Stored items
════

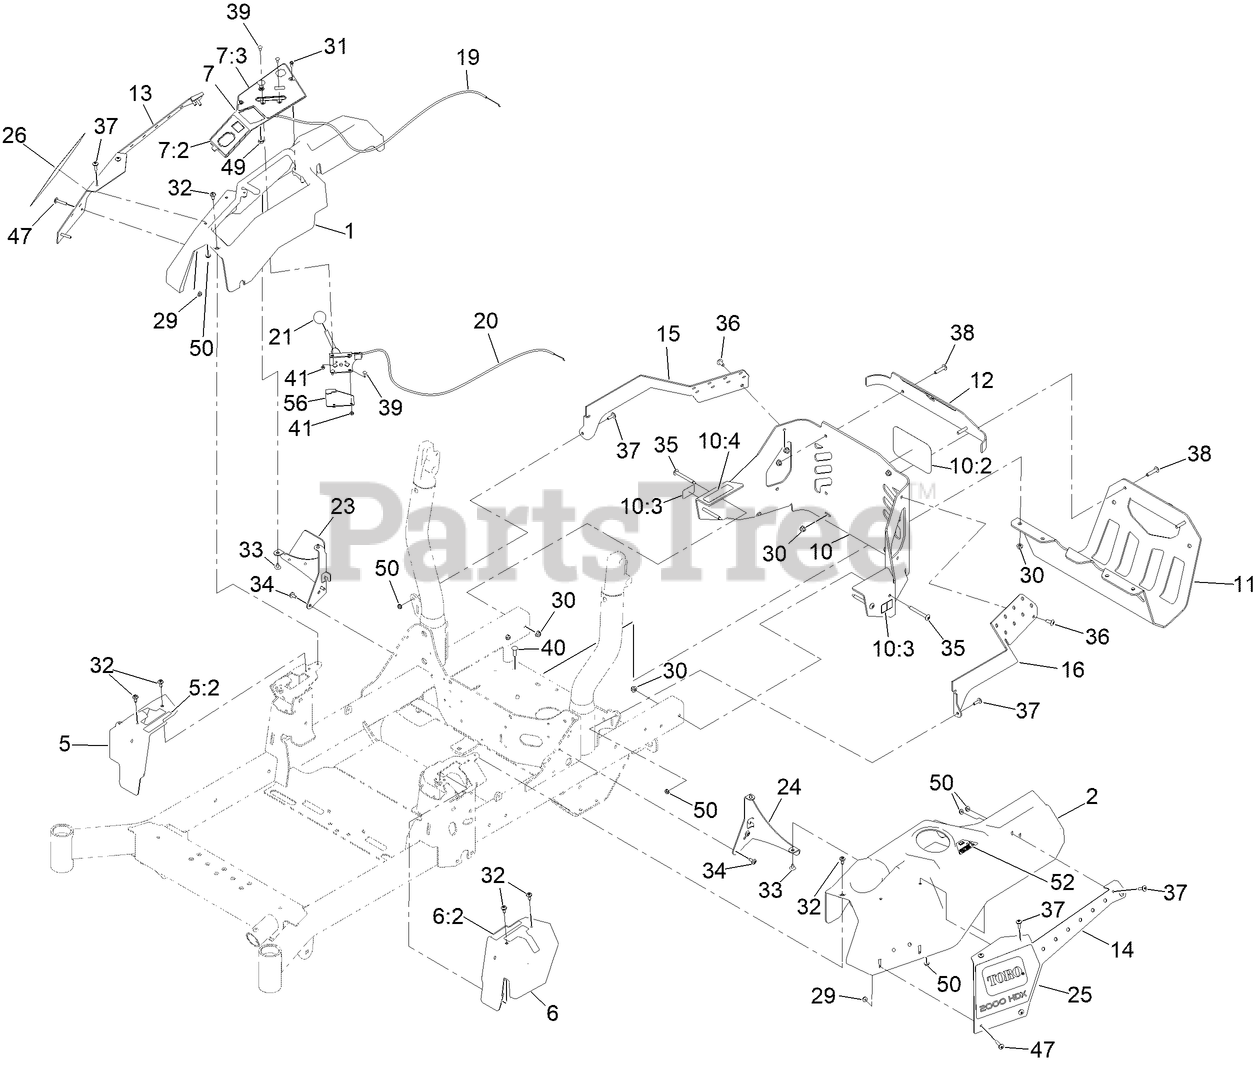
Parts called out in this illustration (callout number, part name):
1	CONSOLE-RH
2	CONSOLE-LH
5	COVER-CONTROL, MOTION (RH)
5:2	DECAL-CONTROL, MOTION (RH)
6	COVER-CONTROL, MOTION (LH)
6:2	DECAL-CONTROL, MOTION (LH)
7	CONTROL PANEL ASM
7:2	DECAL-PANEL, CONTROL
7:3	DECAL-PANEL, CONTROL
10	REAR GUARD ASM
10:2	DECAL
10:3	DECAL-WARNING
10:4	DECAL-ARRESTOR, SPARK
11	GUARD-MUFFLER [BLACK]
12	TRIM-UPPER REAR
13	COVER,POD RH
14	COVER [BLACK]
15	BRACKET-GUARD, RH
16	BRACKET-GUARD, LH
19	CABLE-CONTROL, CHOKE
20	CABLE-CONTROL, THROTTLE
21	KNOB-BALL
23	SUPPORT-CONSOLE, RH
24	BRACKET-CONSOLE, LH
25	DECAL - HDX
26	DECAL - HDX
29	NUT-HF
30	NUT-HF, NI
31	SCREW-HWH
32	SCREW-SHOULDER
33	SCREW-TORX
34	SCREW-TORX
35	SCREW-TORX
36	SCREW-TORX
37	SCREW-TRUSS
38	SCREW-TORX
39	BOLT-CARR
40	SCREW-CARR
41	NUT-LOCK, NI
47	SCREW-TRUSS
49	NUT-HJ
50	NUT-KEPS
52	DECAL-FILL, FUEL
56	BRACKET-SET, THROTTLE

════

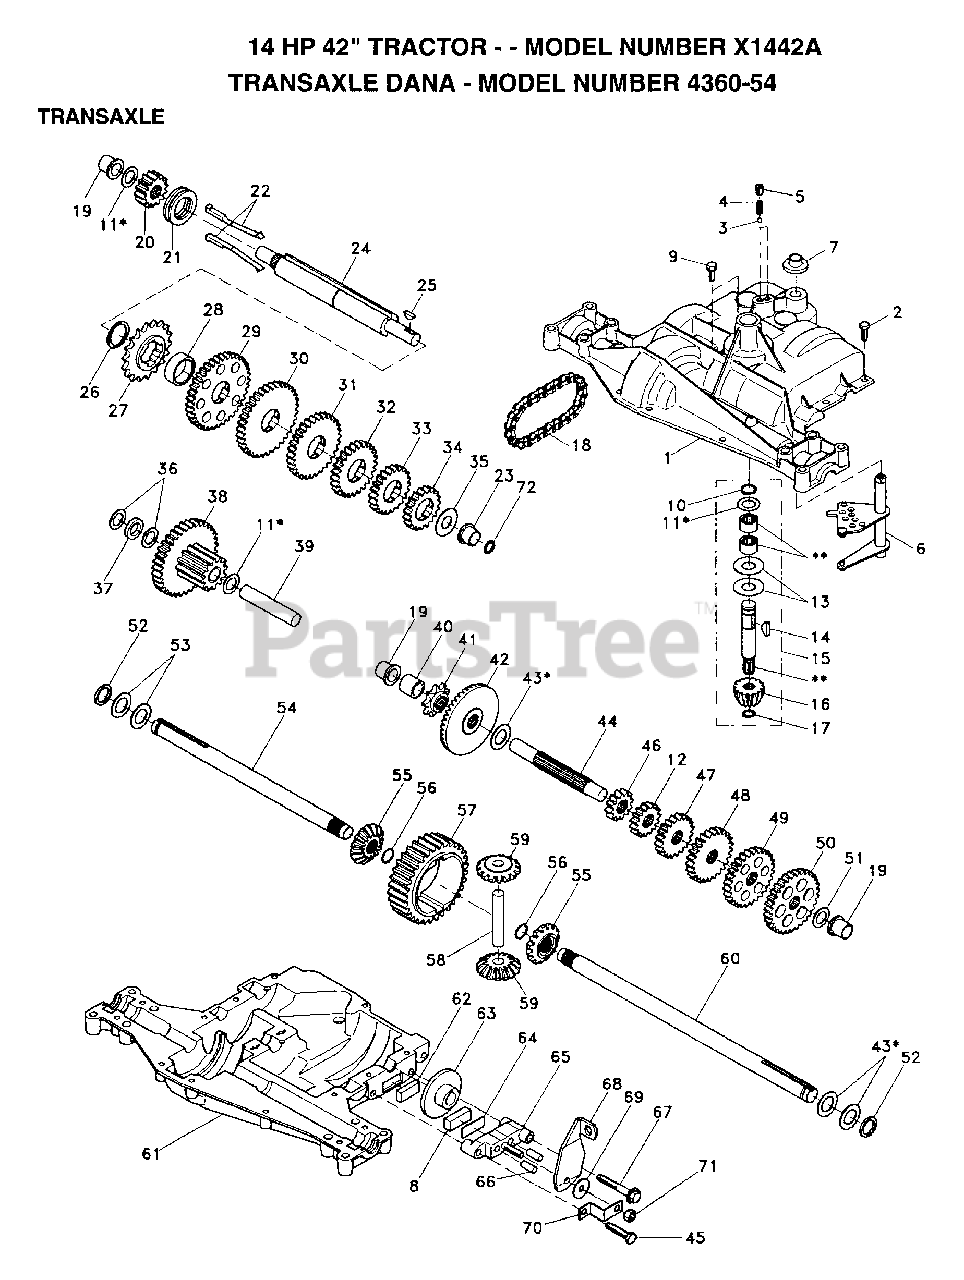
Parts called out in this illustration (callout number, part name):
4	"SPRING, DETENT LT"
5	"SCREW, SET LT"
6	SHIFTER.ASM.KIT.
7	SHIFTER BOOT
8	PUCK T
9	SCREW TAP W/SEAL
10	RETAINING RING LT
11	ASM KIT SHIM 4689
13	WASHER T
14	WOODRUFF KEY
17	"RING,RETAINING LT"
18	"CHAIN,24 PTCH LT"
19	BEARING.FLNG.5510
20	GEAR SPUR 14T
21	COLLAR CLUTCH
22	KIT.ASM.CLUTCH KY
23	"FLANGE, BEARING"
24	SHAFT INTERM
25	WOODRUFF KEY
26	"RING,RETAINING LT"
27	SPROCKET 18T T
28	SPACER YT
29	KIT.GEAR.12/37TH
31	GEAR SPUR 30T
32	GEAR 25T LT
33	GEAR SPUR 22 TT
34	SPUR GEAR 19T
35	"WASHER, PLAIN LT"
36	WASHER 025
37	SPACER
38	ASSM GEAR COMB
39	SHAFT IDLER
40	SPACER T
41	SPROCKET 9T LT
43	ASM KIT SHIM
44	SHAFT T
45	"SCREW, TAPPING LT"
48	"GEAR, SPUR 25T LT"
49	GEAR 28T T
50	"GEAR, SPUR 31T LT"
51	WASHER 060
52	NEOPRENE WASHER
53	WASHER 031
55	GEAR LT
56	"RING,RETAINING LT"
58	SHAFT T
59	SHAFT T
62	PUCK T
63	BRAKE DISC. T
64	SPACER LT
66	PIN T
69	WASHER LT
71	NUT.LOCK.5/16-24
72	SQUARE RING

════

Write down every line of the data above that includes the string "SHAFT".

> [RESULT]:
24	SHAFT INTERM
39	SHAFT IDLER
44	SHAFT T
58	SHAFT T
59	SHAFT T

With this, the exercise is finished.